The Epstein-Barr virus (EBV) belongs to the family of herpes viruses. EBV was first identified as a human tumor virus in Burkitt’s lymphoma (an aggressive blood cancer of the B-cell series) and has subsequently been associated with other lymphomas, epithelial carcinomas and a subgroup of gastric cancers. In addition to its association with various types of cancer in humans, it is also associated with autoimmune diseases such as systemic lupus erythematosus and multiple sclerosis.
Well-adapted pathogen
More than 95% of the world’s population is infected with EBV – making the virus an extremely successful and well-adapted pathogen. Transmission occurs mainly through saliva, but transmission through other body fluids is also possible. In industrialized countries, about 50% of children are infected, and by adolescence, the seroprevalence (laboratory values proving contact with the virus) is already 90%. The primary infection in children is usually asymptomatic. If the primary infection occurs in adolescence, it can lead to infectious mononucleosis – a severe disease also known as “glandular fever”.

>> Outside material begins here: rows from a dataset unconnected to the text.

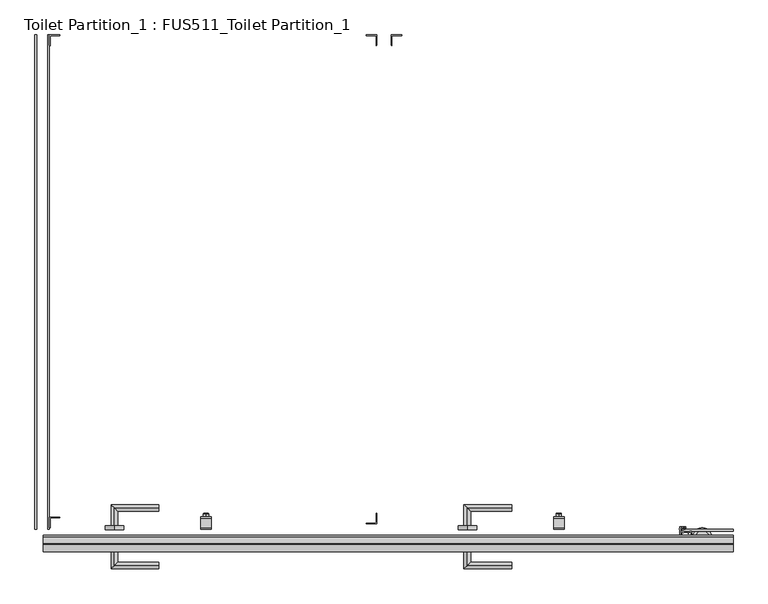
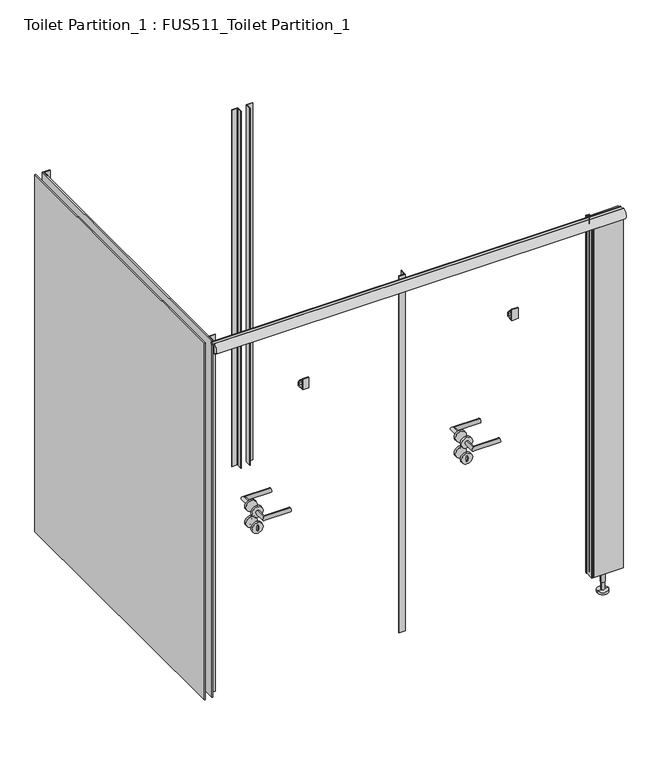
"""IFC4 building model written with IfcOpenShell, lengths in millimetres: furniture geometry, Toilet Partition_1 : FUS511_Toilet Partition_1."""

from ifc_helpers import new_model, si_unit, point, frame, frame_2d, origin, place, context, project, spatial, polyline, circle_curve, ellipse_curve, trimmed, segment, composite_curve, outline, extrude, source, transform, mapped, element, save
from ifc_brep_helpers import plane_surface, cylinder_surface, revolved_surface, extruded_surface, advanced_brep


def toilet_partition_1_fus511_toilet_partition_1_3647186f(model_context):
    return source(origin(), model_context, "Body", "SolidModel", [
        extrude(outline(polyline([(346.5617082, 503.4888254), (346.5617082, 497.0402783), (344.1649522, 497.0402783), (344.1649522, 497.8847941), (345.5746219, 497.8847941), (345.5746219, 501.5146528), (337.5048438, 501.5146528), (341.5634705, 497.0112968), (340.4236814, 497.0112968), (336.3650548, 501.5146528), (332.7425001, 501.5146528), (332.7425001, 454.1345106), (330.7683275, 454.1345106), (330.7683275, 497.4270801), (329.456802, 495.1554513), (328.3170129, 495.1554513), (330.7683275, 499.4012527), (330.7683275, 503.4888254), (346.5617082, 503.4888254)])), frame((0.0, 0.0, 100.0), z_axis=(0.0, 0.0, 1.0), x_axis=(1.0, 0.0, 0.0)), (0.0, 0.0, 1.0), 1800.0),
        extrude(outline(composite_curve([segment(trimmed(circle_curve(frame_2d((341.357373, 496.004016)), 0.789669), [point((341.357373, 495.214347))], [point((340.5677039, 496.004016))], False, "CARTESIAN"), True, "CONTINUOUS"), segment(polyline([(340.5677039, 496.004016), (340.5677039, 496.8402783), (341.715535, 496.8402783)]), True, "CONTINUOUS"), segment(trimmed(circle_curve(frame_2d((341.0726269, 497.4916495)), 0.9152132), [point((341.715535, 496.8402783))], [point((341.665841, 498.1885801))], True, "CARTESIAN"), True, "CONTINUOUS"), segment(trimmed(circle_curve(frame_2d((341.9239046, 498.4917631)), 0.3981417), [point((341.665841, 498.1885801))], [point((341.7737026, 498.8604854))], False, "CARTESIAN"), True, "CONTINUOUS"), segment(trimmed(circle_curve(frame_2d((342.8695936, 496.1702449)), 2.9048875), [point((341.7737026, 498.8604854))], [point((343.9414711, 498.870143))], False, "CARTESIAN"), True, "CONTINUOUS"), segment(trimmed(circle_curve(frame_2d((343.7877156, 498.4828563)), 0.4166915), [point((343.9414711, 498.870143))], [point((344.0660464, 498.1727534))], False, "CARTESIAN"), True, "CONTINUOUS"), segment(trimmed(circle_curve(frame_2d((344.6773667, 497.4916495)), 0.9152132), [point((344.0660464, 498.1727534))], [point((344.0344586, 496.8402783))], True, "CARTESIAN"), True, "CONTINUOUS"), segment(polyline([(344.0344586, 496.8402783), (345.1822897, 496.8402783), (345.1822897, 496.004016)]), True, "CONTINUOUS"), segment(trimmed(circle_curve(frame_2d((344.3926207, 496.004016)), 0.789669), [point((345.1822897, 496.004016))], [point((344.3926207, 495.214347))], False, "CARTESIAN"), True, "CONTINUOUS"), segment(polyline([(344.3926207, 495.214347), (341.357373, 495.214347)]), True, "CONTINUOUS")], self_intersect=False)), frame((0.0, 0.0, 100.0), z_axis=(0.0, 0.0, 1.0), x_axis=(1.0, 0.0, 0.0)), (0.0, 0.0, 1.0), 1800.0),
        advanced_brep(
        [(409.5372607, 474.714347, 104.1461397), (409.5372607, 474.714347, 101.0217555), (378.2934188, 474.714347, 101.0217555), (378.2934188, 474.714347, 104.1461397), (419.9518747, 474.714347, 0.0), (393.9153398, 474.714347, 0.0), (367.8788048, 474.714347, 0.0), (419.9518747, 474.714347, 10.414614), (367.8788048, 474.714347, 10.414614), (401.7263002, 474.714347, 10.414614), (386.1043793, 474.714347, 10.414614), (401.7263002, 474.714347, 52.0730698), (386.1043793, 474.714347, 52.0730698), (404.3299537, 474.714347, 52.0730698), (383.5007258, 474.714347, 52.0730698), (404.3299537, 474.714347, 101.0217555), (383.5007258, 474.714347, 101.0217555), (411.6201835, 474.714347, 104.1461397), (376.210496, 474.714347, 104.1461397), (411.6201835, 474.714347, 110.394908), (376.210496, 474.714347, 110.394908), (393.9153398, 474.714347, 110.394908)],
        [
            (0, 1),
            (1, 2, circle_curve(frame((393.9153398, 474.714347, 101.0217555), z_axis=(0.0, 0.0, 1.0), x_axis=(-1.0, 0.0, 0.0)), 15.6219209)),
            (2, 3),
            (3, 0, circle_curve(frame((393.9153398, 474.714347, 104.1461397), z_axis=(0.0, 0.0, -1.0), x_axis=(-1.0, 0.0, 0.0)), 15.6219209)),
            (2, 1, circle_curve(frame((393.9153398, 474.714347, 101.0217555), z_axis=(0.0, 0.0, 1.0), x_axis=(-1.0, 0.0, 0.0)), 15.6219209)),
            (0, 3, circle_curve(frame((393.9153398, 474.714347, 104.1461397), z_axis=(0.0, 0.0, -1.0), x_axis=(-1.0, 0.0, 0.0)), 15.6219209)),
            (4, 5),
            (5, 6),
            (6, 4, circle_curve(frame((393.9153398, 474.714347, 0.0), z_axis=(0.0, 0.0, -1.0), x_axis=(-1.0, 0.0, 0.0)), 26.0365349)),
            (4, 6, circle_curve(frame((393.9153398, 474.714347, 0.0), z_axis=(0.0, 0.0, -1.0), x_axis=(-1.0, 0.0, 0.0)), 26.0365349)),
            (7, 4),
            (6, 8),
            (8, 7, circle_curve(frame((393.9153398, 474.714347, 10.414614), z_axis=(0.0, 0.0, -1.0), x_axis=(-1.0, 0.0, 0.0)), 26.0365349)),
            (7, 8, circle_curve(frame((393.9153398, 474.714347, 10.414614), z_axis=(0.0, 0.0, -1.0), x_axis=(-1.0, 0.0, 0.0)), 26.0365349)),
            (9, 7),
            (8, 10),
            (10, 9, circle_curve(frame((393.9153398, 474.714347, 10.414614), z_axis=(0.0, 0.0, -1.0), x_axis=(-1.0, 0.0, 0.0)), 7.8109605)),
            (9, 10, circle_curve(frame((393.9153398, 474.714347, 10.414614), z_axis=(0.0, 0.0, -1.0), x_axis=(-1.0, 0.0, 0.0)), 7.8109605)),
            (11, 9),
            (10, 12),
            (12, 11, circle_curve(frame((393.9153398, 474.714347, 52.0730698), z_axis=(0.0, 0.0, -1.0), x_axis=(-1.0, 0.0, 0.0)), 7.8109605)),
            (11, 12, circle_curve(frame((393.9153398, 474.714347, 52.0730698), z_axis=(0.0, 0.0, -1.0), x_axis=(-1.0, 0.0, 0.0)), 7.8109605)),
            (13, 11),
            (12, 14),
            (14, 13, circle_curve(frame((393.9153398, 474.714347, 52.0730698), z_axis=(0.0, 0.0, -1.0), x_axis=(-1.0, 0.0, 0.0)), 10.414614)),
            (13, 14, circle_curve(frame((393.9153398, 474.714347, 52.0730698), z_axis=(0.0, 0.0, -1.0), x_axis=(-1.0, 0.0, 0.0)), 10.414614)),
            (15, 13),
            (14, 16),
            (16, 15, circle_curve(frame((393.9153398, 474.714347, 101.0217555), z_axis=(0.0, 0.0, -1.0), x_axis=(-1.0, 0.0, 0.0)), 10.414614)),
            (15, 16, circle_curve(frame((393.9153398, 474.714347, 101.0217555), z_axis=(0.0, 0.0, -1.0), x_axis=(-1.0, 0.0, 0.0)), 10.414614)),
            (1, 15),
            (16, 2),
            (17, 0),
            (3, 18),
            (18, 17, circle_curve(frame((393.9153398, 474.714347, 104.1461397), z_axis=(0.0, 0.0, -1.0), x_axis=(-1.0, 0.0, 0.0)), 17.7048437)),
            (17, 18, circle_curve(frame((393.9153398, 474.714347, 104.1461397), z_axis=(0.0, 0.0, -1.0), x_axis=(-1.0, 0.0, 0.0)), 17.7048437)),
            (19, 17),
            (18, 20),
            (20, 19, circle_curve(frame((393.9153398, 474.714347, 110.394908), z_axis=(0.0, 0.0, -1.0), x_axis=(-1.0, 0.0, 0.0)), 17.7048437)),
            (19, 20, circle_curve(frame((393.9153398, 474.714347, 110.394908), z_axis=(0.0, 0.0, -1.0), x_axis=(-1.0, 0.0, 0.0)), 17.7048437)),
            (21, 19),
            (20, 21),
        ],
        [
            cylinder_surface(frame((393.9153398, 474.714347, 190.0), z_axis=(0.0, 0.0, 1.0), x_axis=(-1.0, 0.0, 0.0)), 15.6219209),
            plane_surface(frame((393.9153398, 474.714347, 0.0), z_axis=(0.0, 0.0, -1.0), x_axis=(-1.0, 0.0, 0.0))),
            cylinder_surface(frame((393.9153398, 474.714347, 190.0), z_axis=(0.0, 0.0, 1.0), x_axis=(-1.0, 0.0, 0.0)), 26.0365349),
            plane_surface(frame((393.9153398, 474.714347, 10.414614), z_axis=(0.0, 0.0, 1.0), x_axis=(-1.0, 0.0, 0.0))),
            cylinder_surface(frame((393.9153398, 474.714347, 190.0), z_axis=(0.0, 0.0, 1.0), x_axis=(-1.0, 0.0, 0.0)), 7.8109605),
            plane_surface(frame((393.9153398, 474.714347, 52.0730698), z_axis=(0.0, 0.0, -1.0), x_axis=(-1.0, 0.0, 0.0))),
            cylinder_surface(frame((393.9153398, 474.714347, 190.0), z_axis=(0.0, 0.0, 1.0), x_axis=(-1.0, 0.0, 0.0)), 10.414614),
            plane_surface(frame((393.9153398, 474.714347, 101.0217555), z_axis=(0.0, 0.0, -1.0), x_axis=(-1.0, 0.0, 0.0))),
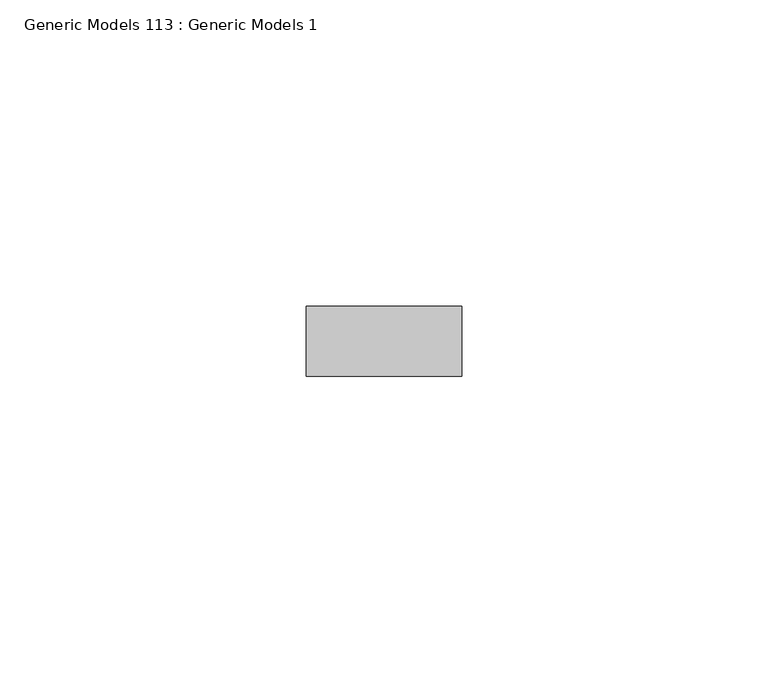
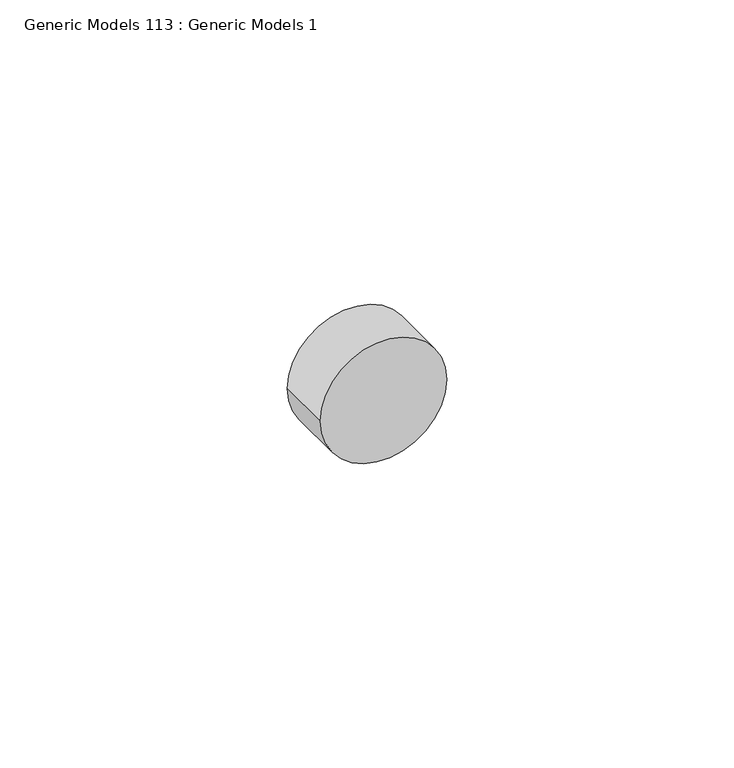
"""IFC4 building model written with IfcOpenShell, lengths in millimetres: proxy geometry, Generic Models 113 : Generic Models 1."""

from ifc_helpers import new_model, si_unit, point, frame, frame_2d, origin, place, context, project, spatial, circle_curve, trimmed, segment, composite_curve, outline, extrude, source, transform, mapped, element, save


def generic_models_113_generic_models_1_33cf204b(model_context):
    return source(origin(), model_context, "Body", "SweptSolid", [
        extrude(outline(composite_curve([segment(trimmed(circle_curve(frame_2d((37860.4162436, 6848.7828124)), 12.7), [point((37860.4162436, 6836.0828124))], [point((37860.4162436, 6861.4828124))], False, "CARTESIAN"), True, "CONTINUOUS"), segment(trimmed(circle_curve(frame_2d((37860.4162436, 6848.7828124)), 12.7), [point((37860.4162436, 6861.4828124))], [point((37860.4162436, 6836.0828124))], False, "CARTESIAN"), True, "CONTINUOUS")], self_intersect=False)), frame((0.0, 1836.9202358, 0.0), z_axis=(0.0, 1.0, 0.0), x_axis=(0.0, 0.0, 1.0)), (0.0, 0.0, 1.0), 11.4464372),
    ])


if __name__ == "__main__":
    model = new_model("IFC4")
    model_context = context("Model", 3, world=origin())
    ifc_project = project(units=[si_unit("LENGTHUNIT", "METRE", prefix="MILLI")], contexts=[model_context])
    site = spatial("IfcSite", under=ifc_project)
    building = spatial("IfcBuilding", under=site)
    placement = place(None, origin())
    generic_models_113_generic_models_1_shape = generic_models_113_generic_models_1_33cf204b(model_context)
    element("IfcBuildingElementProxy", 1, Name="Generic Models 113 : Generic Models 1", ObjectType="Generic Models 113 : Generic Models 1", at=placement, inside=building, context=model_context, shape_type="MappedRepresentation", body=[
        mapped(generic_models_113_generic_models_1_shape, transform((0.0, 0.0, 0.0), x_axis=(1.0, 0.0, 0.0), y_axis=(0.0, 1.0, 0.0), z_axis=(0.0, 0.0, 1.0))),
    ])
    save(model, "model.ifc")

# Revit data of these elements
# Element 1 (IfcBuildingElementProxy, "Generic Models 113 : Generic Models 1")
#   Materials on its faces: "S.S. LAG BOLT - SEE STRUCT. DWGS"
# Materials
#   "S.S. LAG BOLT - SEE STRUCT. DWGS": class "Generic", colour RGB 120 120 120, transparency 0, Cost = 0

After the primary infection, EBV establishes lifelong persistence in the human body, where the virus resides in memory B-cells in healthy people. There it is asymptomatic and does not cause disease symptoms. Due to the high prevalence in the world population, both intrinsic factors (genetics) and external (environmental) factors must be present for EBV-associated diseases (such as MS) to occur.
Two phases possible
EBV can exist in two different phases in the body – the latent and lytic phases. As a rule, EBV is present in its latent form, with lytic phases, in which the virus is reactivated and replicates, only occurring sporadically. During the latent phase, the virus’s genetic material is located in the cell nucleus and is bound to human DNA using a viral protein called EBNA-1. It expresses only a small part of its genes during this phase. This includes the expression of so-called EBV nuclear antigens (EBNAs) and certain latent membrane proteins (LMPs). Numerous interactions with proteins of the human cell nucleus, which are important for the transcription (reading) of genes, have been demonstrated for the EBNAs. The LMPs, on the other hand, interact with various signal transduction cascades that are important for immunological processes. The virus’s replication in the latent phase depends solely on the normal cell division of the infected cells.
Under certain conditions, the virus can reactivate and enter the lytic cycle. A biologically important trigger for a lytic EBV phase is the activation of the B-cell receptor and the differentiation of B-cells into plasma cells. The virus then replicates its entire viral genome and produces infectious offspring. Lytic replication usually leads to the death of the infected cell and the release of infectious viruses that can infect naive cells in the same host or other individuals. Lytic replication of EBV can indeed be inhibited by approved antiviral therapies such as ganciclovir or aciclovir. Studies in healthy volunteers have also shown that prolonged aciclovir therapy can reduce the number of EBV-infected B-cells, which could suggest that the reservoir of infected cells in a host is replenished through the lytic phases. However, since primarily latently infected cells are detected in EBV-positive tumors, the clinical significance of inhibiting lytic phases is unclear.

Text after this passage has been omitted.